Member of the Canadian Parliament for Cape Breton—East Richmond
- In office July 8, 1974 – February 18, 1980
- Preceded by: Donald MacInnis (Progressive Conservative)
- Succeeded by: David Dingwall (Liberal)

Personal details
- Born: October 28, 1923 Glace Bay, Nova Scotia
- Died: April 10, 2002 (aged 78) Cole Harbour, Nova Scotia
- Party: New Democratic Party
- Occupation: Roman Catholic priest

= Andrew Hogan =

Canadian politician (1923–2002)

Andrew (Andy) Hogan (October 28, 1923 – April 10, 2002) was a Canadian politician and priest. He was the first Roman Catholic priest to be elected to the House of Commons of Canada.

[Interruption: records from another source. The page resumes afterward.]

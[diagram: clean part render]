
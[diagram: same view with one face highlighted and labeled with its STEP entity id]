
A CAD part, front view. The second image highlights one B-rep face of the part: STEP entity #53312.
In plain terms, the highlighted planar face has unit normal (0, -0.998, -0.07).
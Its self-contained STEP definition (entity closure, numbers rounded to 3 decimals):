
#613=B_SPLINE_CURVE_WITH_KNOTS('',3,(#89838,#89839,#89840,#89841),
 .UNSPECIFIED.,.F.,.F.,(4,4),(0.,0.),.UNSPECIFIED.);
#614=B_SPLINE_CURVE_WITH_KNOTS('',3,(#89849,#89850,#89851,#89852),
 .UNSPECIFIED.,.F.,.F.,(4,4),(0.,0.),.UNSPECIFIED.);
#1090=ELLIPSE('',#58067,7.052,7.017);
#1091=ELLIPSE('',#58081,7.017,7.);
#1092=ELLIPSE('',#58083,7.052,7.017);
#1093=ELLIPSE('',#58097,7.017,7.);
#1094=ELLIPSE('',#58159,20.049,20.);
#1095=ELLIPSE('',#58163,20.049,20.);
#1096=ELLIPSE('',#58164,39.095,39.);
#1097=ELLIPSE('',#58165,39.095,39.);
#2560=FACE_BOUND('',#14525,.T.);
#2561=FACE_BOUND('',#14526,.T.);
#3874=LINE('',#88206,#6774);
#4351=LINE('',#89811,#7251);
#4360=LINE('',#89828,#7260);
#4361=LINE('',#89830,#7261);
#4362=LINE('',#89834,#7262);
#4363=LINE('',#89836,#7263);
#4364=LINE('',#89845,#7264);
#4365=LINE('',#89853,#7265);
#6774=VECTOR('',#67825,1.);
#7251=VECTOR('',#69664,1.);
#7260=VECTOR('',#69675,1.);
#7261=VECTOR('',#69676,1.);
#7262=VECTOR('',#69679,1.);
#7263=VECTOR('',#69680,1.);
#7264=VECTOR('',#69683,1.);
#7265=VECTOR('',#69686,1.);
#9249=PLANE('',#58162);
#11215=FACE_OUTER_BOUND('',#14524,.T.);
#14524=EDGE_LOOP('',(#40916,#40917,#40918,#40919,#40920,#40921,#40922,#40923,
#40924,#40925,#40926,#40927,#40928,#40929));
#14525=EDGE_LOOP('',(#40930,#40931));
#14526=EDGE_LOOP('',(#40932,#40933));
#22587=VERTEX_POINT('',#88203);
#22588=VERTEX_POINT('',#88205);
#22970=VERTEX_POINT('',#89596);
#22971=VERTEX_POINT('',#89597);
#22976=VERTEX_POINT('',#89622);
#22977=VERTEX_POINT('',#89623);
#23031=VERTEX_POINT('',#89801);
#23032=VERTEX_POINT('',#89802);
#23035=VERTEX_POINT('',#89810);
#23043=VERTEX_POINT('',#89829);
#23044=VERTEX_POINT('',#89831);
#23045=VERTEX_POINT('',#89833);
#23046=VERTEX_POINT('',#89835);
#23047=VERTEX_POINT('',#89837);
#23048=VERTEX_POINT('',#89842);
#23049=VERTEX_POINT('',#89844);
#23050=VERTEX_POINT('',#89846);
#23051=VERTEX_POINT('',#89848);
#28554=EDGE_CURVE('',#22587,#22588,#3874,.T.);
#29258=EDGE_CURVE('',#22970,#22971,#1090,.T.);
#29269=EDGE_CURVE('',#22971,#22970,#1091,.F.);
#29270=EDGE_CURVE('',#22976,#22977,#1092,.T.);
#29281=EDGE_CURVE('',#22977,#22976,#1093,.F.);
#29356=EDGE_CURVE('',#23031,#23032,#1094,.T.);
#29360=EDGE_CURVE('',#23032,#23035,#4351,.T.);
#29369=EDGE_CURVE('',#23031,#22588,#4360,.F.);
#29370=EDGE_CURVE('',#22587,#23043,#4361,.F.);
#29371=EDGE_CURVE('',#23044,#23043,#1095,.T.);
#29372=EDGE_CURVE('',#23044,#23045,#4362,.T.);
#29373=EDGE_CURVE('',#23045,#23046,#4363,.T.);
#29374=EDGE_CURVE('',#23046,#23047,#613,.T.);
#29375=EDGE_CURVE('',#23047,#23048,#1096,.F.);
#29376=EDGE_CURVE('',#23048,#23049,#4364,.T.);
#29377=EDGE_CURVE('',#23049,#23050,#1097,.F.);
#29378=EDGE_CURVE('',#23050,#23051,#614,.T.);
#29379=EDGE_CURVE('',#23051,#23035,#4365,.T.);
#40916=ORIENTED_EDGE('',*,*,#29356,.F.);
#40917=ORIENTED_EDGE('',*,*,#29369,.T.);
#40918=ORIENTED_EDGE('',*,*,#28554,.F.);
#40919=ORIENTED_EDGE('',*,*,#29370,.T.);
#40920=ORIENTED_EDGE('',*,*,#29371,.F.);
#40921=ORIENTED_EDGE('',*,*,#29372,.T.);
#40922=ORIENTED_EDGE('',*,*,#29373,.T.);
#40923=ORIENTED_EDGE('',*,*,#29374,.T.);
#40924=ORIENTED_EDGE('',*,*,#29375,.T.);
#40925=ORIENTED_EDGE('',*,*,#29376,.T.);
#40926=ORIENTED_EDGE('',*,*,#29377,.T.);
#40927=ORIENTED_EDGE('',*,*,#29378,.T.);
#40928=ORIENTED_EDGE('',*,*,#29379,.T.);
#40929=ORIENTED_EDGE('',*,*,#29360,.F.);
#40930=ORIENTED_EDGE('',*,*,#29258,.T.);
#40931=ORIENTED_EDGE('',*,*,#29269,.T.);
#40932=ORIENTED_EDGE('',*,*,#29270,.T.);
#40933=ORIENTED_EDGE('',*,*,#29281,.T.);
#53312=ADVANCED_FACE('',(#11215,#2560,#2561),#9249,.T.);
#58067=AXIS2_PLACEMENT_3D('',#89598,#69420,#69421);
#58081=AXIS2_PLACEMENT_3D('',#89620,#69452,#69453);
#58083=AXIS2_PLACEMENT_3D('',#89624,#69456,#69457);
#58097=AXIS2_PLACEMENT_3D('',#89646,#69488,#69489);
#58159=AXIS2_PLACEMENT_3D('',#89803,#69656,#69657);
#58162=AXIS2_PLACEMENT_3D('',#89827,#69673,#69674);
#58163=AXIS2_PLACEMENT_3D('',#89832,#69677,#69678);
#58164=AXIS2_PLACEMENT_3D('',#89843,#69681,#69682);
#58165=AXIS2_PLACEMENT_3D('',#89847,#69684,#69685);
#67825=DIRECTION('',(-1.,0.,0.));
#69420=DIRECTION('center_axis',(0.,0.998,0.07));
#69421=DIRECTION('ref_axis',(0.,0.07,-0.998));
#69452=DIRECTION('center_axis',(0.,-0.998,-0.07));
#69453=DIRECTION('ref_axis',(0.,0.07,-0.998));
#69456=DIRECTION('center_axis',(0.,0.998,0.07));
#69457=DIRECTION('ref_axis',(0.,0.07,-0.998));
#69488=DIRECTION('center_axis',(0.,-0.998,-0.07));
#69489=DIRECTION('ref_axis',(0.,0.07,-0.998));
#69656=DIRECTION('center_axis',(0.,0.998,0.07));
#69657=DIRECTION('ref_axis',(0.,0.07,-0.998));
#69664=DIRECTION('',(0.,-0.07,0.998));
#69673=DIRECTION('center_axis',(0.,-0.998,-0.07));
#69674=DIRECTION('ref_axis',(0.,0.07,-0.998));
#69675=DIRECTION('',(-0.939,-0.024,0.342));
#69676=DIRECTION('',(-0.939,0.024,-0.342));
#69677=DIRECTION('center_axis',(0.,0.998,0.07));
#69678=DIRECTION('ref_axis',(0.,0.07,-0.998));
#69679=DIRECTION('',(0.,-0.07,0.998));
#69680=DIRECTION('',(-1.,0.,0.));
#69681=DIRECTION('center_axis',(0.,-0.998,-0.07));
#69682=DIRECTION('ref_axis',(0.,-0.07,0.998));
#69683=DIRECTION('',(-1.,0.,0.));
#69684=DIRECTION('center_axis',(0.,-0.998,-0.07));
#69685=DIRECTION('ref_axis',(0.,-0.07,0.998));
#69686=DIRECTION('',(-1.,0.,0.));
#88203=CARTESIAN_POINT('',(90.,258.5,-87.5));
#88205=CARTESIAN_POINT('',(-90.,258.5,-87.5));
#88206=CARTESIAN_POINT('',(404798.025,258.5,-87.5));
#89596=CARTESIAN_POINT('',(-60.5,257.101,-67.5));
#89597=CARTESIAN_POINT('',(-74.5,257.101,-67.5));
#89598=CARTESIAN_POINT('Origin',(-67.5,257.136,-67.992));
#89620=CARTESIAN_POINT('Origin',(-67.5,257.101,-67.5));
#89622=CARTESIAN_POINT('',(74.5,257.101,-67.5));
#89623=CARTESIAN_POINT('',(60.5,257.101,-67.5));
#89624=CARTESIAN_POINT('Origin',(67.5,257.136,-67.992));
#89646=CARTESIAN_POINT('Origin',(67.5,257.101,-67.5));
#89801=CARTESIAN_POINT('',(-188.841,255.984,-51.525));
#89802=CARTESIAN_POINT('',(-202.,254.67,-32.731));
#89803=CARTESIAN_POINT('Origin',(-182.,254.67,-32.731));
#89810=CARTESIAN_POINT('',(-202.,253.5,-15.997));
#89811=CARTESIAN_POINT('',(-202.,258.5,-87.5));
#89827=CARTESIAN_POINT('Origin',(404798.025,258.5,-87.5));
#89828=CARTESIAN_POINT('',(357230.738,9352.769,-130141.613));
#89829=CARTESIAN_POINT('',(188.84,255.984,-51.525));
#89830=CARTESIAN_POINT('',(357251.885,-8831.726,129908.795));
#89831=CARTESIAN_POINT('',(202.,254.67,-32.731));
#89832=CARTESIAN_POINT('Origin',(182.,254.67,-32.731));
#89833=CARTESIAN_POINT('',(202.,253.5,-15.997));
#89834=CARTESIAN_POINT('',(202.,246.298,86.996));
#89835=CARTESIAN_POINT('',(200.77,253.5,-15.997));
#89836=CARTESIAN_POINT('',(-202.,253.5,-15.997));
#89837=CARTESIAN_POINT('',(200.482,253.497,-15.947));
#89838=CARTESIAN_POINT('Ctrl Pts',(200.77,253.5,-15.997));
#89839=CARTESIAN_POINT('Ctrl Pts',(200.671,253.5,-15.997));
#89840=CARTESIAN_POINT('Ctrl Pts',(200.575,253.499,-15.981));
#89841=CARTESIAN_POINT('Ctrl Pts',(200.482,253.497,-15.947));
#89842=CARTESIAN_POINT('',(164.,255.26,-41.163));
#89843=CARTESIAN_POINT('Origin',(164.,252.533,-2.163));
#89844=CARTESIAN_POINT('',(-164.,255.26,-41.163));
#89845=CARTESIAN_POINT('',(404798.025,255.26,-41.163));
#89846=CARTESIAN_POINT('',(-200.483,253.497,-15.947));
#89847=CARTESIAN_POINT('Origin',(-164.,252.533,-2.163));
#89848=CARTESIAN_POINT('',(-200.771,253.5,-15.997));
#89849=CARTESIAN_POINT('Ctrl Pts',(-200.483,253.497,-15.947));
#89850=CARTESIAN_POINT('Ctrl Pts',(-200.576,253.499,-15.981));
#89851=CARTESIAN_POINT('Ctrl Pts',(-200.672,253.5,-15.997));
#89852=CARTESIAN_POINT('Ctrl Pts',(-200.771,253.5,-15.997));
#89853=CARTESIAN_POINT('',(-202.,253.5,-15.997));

He was known more commonly by his informal name: Father Andy.

==Biography==
Born in Glace Bay, Nova Scotia, Rev. Hogan received a bachelor's degree from St. Francis Xavier University (St. F.X.), where he became involved in the co-operative movement. St. F.X. was the home of the Antigonish Movement, started by Father Jimmy Tompkins and Rev. Dr. Moses Coady, that put the Rochdale Principles of Co-operation into action in the Maritimes by starting building co-ops, credit unions, co-op farms, etc. Being in the heartland of the co-op movement deeply affected his political views, which eventually led him to the New Democratic Party.

He studied theology at Holy Heart Seminary and was ordained as a Roman Catholic priest in 1949.

As a member of the New Democratic Party, he was elected to the House of Commons from Cape Breton—East Richmond in the 1974 federal election. He was re-elected in 1979. Hogan was defeated in the 1980 federal election, losing to David Dingwall by 294 votes. After the defeat, he never ran for public office again.

In 2002, Hogan died in Cole Harbour, Nova Scotia after a long illness.